▶ Task brief:
Every line from the start of the data through the line containing "IFC2X3 demands one" should be retyped exactly; the pictures should not.

Data records
============

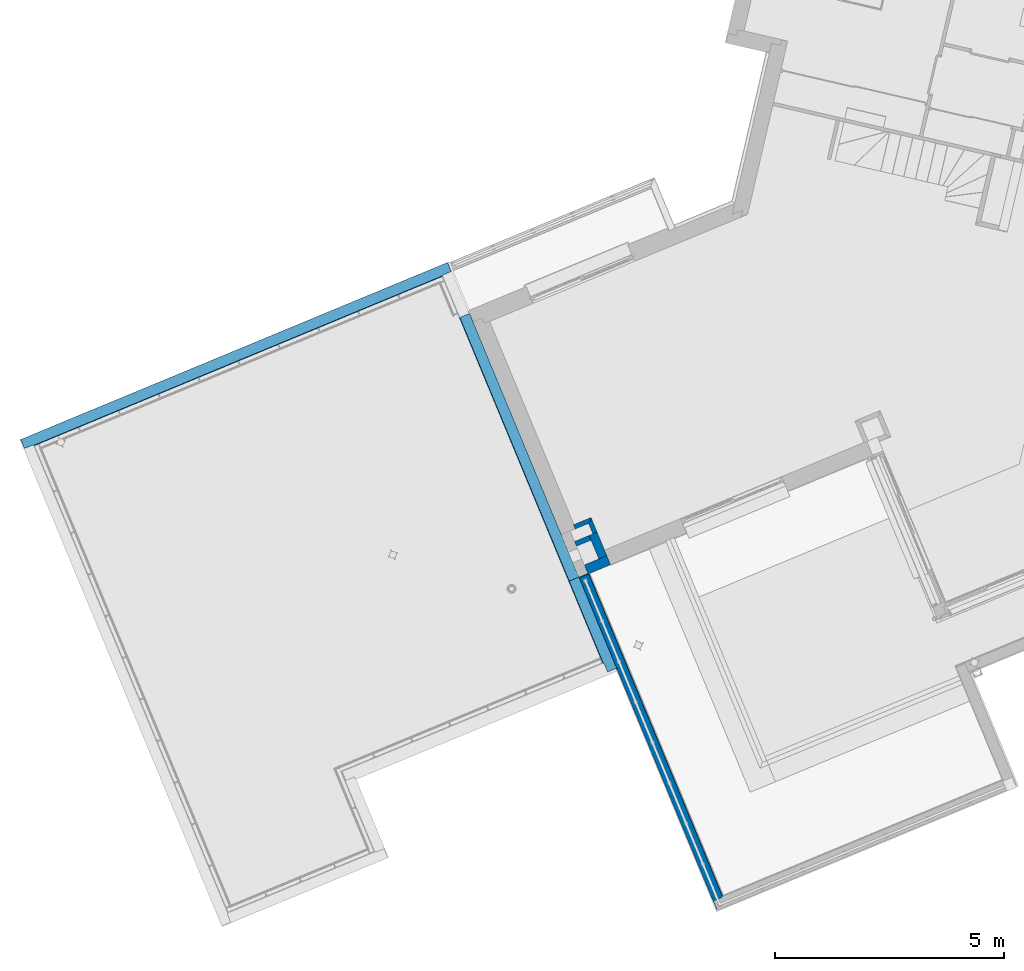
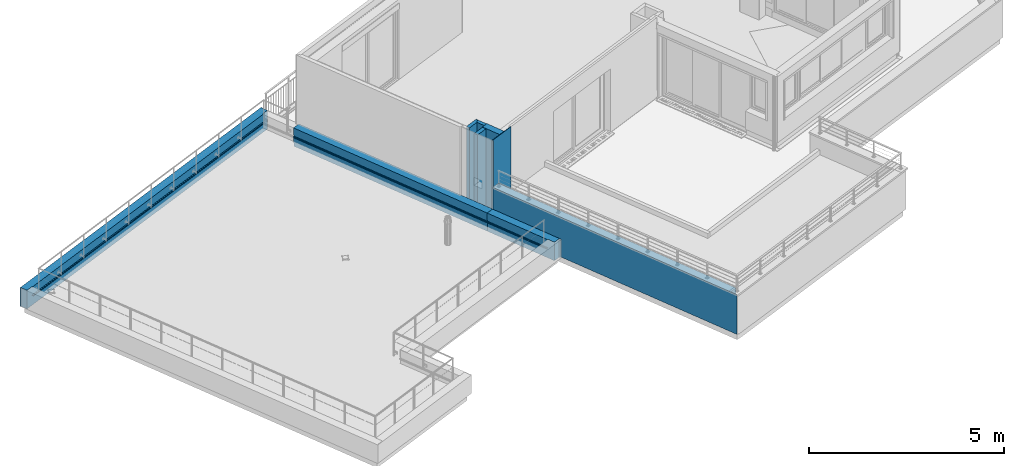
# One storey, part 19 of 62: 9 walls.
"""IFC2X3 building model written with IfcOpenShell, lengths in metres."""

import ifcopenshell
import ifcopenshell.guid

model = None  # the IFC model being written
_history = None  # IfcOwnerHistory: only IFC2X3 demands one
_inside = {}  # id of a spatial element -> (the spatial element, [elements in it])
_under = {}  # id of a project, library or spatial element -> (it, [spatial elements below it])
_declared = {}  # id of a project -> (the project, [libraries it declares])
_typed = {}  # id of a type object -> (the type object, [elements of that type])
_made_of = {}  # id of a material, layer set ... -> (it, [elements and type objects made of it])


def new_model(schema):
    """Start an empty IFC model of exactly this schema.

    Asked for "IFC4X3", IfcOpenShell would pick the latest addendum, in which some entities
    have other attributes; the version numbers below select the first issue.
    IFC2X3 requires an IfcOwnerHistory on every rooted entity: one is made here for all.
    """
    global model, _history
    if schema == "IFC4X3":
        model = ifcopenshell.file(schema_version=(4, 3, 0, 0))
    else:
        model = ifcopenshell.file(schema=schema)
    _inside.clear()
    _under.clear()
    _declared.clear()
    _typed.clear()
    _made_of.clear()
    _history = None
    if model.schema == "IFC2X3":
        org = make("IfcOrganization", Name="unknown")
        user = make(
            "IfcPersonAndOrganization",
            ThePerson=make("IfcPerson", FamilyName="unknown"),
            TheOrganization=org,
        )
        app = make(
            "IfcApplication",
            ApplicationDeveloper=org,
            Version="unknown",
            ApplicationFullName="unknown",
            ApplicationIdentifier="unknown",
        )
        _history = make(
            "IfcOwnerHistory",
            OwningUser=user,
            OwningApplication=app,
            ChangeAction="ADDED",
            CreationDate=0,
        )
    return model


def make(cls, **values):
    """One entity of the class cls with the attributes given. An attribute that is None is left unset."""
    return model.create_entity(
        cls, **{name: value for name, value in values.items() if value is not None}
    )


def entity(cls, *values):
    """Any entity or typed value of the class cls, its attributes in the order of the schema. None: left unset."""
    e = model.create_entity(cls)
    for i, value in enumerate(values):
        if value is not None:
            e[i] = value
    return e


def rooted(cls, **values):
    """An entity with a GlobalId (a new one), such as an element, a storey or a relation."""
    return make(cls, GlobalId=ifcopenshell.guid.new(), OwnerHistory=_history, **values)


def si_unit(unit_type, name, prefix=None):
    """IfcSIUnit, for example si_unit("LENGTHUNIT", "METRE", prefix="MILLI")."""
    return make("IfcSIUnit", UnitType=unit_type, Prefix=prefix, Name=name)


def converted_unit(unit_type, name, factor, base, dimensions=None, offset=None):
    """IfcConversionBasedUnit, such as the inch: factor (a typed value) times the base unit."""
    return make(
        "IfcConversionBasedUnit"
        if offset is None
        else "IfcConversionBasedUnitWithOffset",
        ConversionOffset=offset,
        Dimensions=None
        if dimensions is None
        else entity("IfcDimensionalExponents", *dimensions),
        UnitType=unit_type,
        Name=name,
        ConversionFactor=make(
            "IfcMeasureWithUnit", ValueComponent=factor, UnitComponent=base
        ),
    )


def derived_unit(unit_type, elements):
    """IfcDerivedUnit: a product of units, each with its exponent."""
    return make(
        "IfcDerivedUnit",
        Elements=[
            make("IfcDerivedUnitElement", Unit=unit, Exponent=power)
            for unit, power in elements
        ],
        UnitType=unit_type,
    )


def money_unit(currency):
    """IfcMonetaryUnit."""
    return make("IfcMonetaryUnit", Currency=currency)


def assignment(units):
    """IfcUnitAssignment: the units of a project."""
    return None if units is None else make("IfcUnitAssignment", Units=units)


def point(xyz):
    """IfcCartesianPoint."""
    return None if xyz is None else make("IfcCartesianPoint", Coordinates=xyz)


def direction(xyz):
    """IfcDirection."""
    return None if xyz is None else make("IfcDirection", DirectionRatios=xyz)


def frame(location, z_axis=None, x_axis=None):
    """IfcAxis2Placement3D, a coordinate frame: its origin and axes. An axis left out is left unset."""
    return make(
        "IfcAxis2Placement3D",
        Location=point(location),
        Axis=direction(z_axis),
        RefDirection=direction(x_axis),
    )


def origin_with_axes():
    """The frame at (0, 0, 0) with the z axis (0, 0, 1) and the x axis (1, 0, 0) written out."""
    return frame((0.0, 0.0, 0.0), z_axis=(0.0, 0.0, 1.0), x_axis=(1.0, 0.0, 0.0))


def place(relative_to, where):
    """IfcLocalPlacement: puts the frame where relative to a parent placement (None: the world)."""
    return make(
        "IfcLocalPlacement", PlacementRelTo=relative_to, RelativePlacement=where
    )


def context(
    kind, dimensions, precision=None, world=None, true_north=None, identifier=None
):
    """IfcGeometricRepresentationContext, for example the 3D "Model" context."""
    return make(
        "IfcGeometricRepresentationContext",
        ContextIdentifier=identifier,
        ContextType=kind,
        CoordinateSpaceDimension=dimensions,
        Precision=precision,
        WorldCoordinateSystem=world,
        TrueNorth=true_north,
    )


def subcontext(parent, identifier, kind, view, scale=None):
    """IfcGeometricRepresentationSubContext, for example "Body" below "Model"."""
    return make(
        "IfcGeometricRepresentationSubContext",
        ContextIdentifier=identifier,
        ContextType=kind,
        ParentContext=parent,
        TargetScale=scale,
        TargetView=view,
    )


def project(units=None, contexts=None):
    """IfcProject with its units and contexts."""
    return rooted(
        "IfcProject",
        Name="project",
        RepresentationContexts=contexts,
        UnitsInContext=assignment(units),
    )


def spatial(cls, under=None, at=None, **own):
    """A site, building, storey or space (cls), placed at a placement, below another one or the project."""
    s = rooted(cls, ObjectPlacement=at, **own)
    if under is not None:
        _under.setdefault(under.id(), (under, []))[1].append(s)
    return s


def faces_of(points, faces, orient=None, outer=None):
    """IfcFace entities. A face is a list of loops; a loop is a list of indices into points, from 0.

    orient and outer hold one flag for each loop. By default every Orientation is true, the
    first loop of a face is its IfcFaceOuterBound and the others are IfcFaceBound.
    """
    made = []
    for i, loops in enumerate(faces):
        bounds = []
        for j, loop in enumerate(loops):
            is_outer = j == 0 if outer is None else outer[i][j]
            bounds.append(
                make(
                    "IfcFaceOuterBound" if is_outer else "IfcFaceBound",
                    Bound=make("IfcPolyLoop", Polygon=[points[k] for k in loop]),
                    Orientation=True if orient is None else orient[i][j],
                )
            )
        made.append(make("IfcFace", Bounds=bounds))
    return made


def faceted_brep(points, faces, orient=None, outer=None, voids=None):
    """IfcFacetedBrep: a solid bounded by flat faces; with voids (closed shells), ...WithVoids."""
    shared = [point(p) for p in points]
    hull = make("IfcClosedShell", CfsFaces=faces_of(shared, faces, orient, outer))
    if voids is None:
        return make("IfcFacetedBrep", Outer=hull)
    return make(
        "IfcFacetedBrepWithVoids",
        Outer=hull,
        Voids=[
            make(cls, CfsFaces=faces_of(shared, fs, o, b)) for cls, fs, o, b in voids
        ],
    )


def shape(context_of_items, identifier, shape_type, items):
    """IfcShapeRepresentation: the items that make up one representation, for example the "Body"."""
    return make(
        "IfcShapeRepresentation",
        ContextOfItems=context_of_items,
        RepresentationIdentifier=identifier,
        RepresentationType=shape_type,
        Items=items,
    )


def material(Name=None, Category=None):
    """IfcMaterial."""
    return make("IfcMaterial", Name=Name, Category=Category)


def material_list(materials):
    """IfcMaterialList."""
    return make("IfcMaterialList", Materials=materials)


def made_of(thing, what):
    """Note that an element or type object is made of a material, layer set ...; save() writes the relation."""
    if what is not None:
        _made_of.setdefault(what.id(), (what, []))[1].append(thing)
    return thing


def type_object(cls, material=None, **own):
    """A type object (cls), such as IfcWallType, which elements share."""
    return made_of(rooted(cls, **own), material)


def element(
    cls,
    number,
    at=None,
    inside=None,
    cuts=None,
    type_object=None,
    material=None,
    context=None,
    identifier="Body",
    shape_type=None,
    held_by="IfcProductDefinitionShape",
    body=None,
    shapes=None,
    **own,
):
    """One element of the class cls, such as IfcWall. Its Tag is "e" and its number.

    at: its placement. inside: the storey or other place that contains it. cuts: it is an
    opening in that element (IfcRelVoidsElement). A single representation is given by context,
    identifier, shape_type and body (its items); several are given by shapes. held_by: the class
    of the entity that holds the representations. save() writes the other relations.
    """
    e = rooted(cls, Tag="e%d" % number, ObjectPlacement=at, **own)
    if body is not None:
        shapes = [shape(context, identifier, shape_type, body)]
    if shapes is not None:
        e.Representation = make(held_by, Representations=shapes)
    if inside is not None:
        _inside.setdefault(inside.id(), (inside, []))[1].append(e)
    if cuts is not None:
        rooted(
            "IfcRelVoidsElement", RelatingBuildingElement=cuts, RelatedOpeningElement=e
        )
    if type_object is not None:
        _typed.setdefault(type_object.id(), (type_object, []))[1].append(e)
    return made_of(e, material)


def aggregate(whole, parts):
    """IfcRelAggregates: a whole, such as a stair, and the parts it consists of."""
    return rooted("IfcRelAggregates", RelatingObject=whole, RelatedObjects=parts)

============

▶ Answer to this task:
# One storey, part 19 of 62: 9 walls.
"""IFC2X3 building model written with IfcOpenShell, lengths in metres."""

import ifcopenshell
import ifcopenshell.guid

model = None  # the IFC model being written
_history = None  # IfcOwnerHistory: only IFC2X3 demands one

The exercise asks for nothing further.